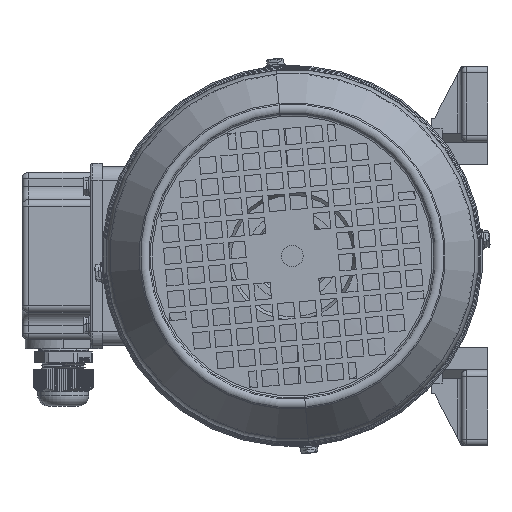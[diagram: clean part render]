
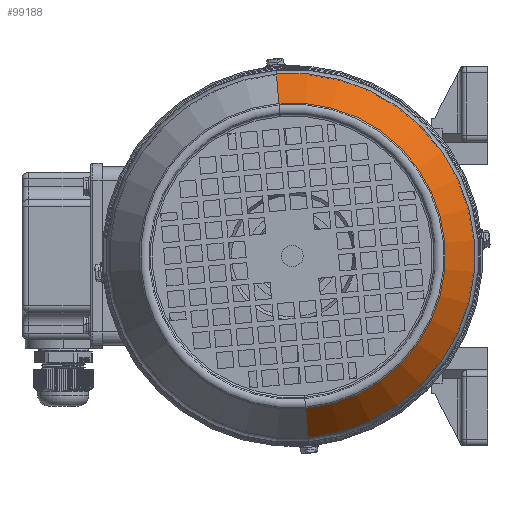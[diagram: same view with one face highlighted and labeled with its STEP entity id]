
A CAD part, left-side view. The second image highlights one B-rep face of the part: STEP entity #99188.
In plain terms, the highlighted conical face has half-angle 32.805 degrees and reference radius 85.75 mm.
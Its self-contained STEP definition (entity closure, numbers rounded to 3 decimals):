
#3107 = ORIENTED_EDGE ( 'NONE', *, *, #39234, .F. ) ;
#3715 = CARTESIAN_POINT ( 'NONE',  ( -57., 0., 0. ) ) ;
#4340 = CARTESIAN_POINT ( 'NONE',  ( -80.625, 0., -70.522 ) ) ;
#4391 = CARTESIAN_POINT ( 'NONE',  ( -57., 0., 85.75 ) ) ;
#4603 = VECTOR ( 'NONE', #44126, 1000. ) ;
#5357 = DIRECTION ( 'NONE',  ( 0., 0., 1. ) ) ;
#9186 = ORIENTED_EDGE ( 'NONE', *, *, #60285, .T. ) ;
#12872 = ORIENTED_EDGE ( 'NONE', *, *, #82552, .F. ) ;
#14051 = VECTOR ( 'NONE', #95234, 1000. ) ;
#14152 = CARTESIAN_POINT ( 'NONE',  ( -59.474, 0., 0. ) ) ;
#31036 = VERTEX_POINT ( 'NONE', #4340 ) ;
#32344 = DIRECTION ( 'NONE',  ( -1., 0., 0. ) ) ;
#38561 = CARTESIAN_POINT ( 'NONE',  ( -59.474, 0., -84.155 ) ) ;
#39234 = EDGE_CURVE ( 'NONE', #70629, #76725, #114826, .T. ) ;
#39867 = DIRECTION ( 'NONE',  ( 0., 0., -1. ) ) ;
#41151 = CIRCLE ( 'NONE', #52532, 84.155 ) ;
#43622 = DIRECTION ( 'NONE',  ( -1., 0., 0. ) ) ;
#44126 = DIRECTION ( 'NONE',  ( 0.841, 0., -0.542 ) ) ;
#52532 = AXIS2_PLACEMENT_3D ( 'NONE', #14152, #32344, #5357 ) ;
#58691 = CONICAL_SURFACE ( 'NONE', #75612, 85.75, 0.573 ) ;
#59161 = DIRECTION ( 'NONE',  ( 1., 0., 0. ) ) ;
#60285 = EDGE_CURVE ( 'NONE', #98574, #76725, #41151, .T. ) ;
#61301 = LINE ( 'NONE', #99683, #4603 ) ;
#61362 = CARTESIAN_POINT ( 'NONE',  ( -80.625, 0., 0. ) ) ;
#67254 = FACE_OUTER_BOUND ( 'NONE', #101630, .T. ) ;
#70629 = VERTEX_POINT ( 'NONE', #115776 ) ;
#75255 = AXIS2_PLACEMENT_3D ( 'NONE', #61362, #43622, #88400 ) ;
#75612 = AXIS2_PLACEMENT_3D ( 'NONE', #3715, #59161, #39867 ) ;
#76725 = VERTEX_POINT ( 'NONE', #103791 ) ;
#82552 = EDGE_CURVE ( 'NONE', #31036, #70629, #93100, .T. ) ;
#88400 = DIRECTION ( 'NONE',  ( 0., 0., 1. ) ) ;
#93100 = CIRCLE ( 'NONE', #75255, 70.522 ) ;
#95234 = DIRECTION ( 'NONE',  ( 0.841, 0., 0.542 ) ) ;
#98574 = VERTEX_POINT ( 'NONE', #38561 ) ;
#99188 = ADVANCED_FACE ( 'NONE', ( #67254 ), #58691, .T. ) ;
#99683 = CARTESIAN_POINT ( 'NONE',  ( -57., 0., -85.75 ) ) ;
#101283 = EDGE_CURVE ( 'NONE', #31036, #98574, #61301, .T. ) ;
#101630 = EDGE_LOOP ( 'NONE', ( #3107, #12872, #106880, #9186 ) ) ;
#103791 = CARTESIAN_POINT ( 'NONE',  ( -59.474, 0., 84.155 ) ) ;
#106880 = ORIENTED_EDGE ( 'NONE', *, *, #101283, .T. ) ;
#114826 = LINE ( 'NONE', #4391, #14051 ) ;
#115776 = CARTESIAN_POINT ( 'NONE',  ( -80.625, 0., 70.522 ) ) ;

--------------------------------

TASK PROMPT
What is the number of lines in the records holding "VECTOR"? Give the number alone.

RESPONSE AREA
2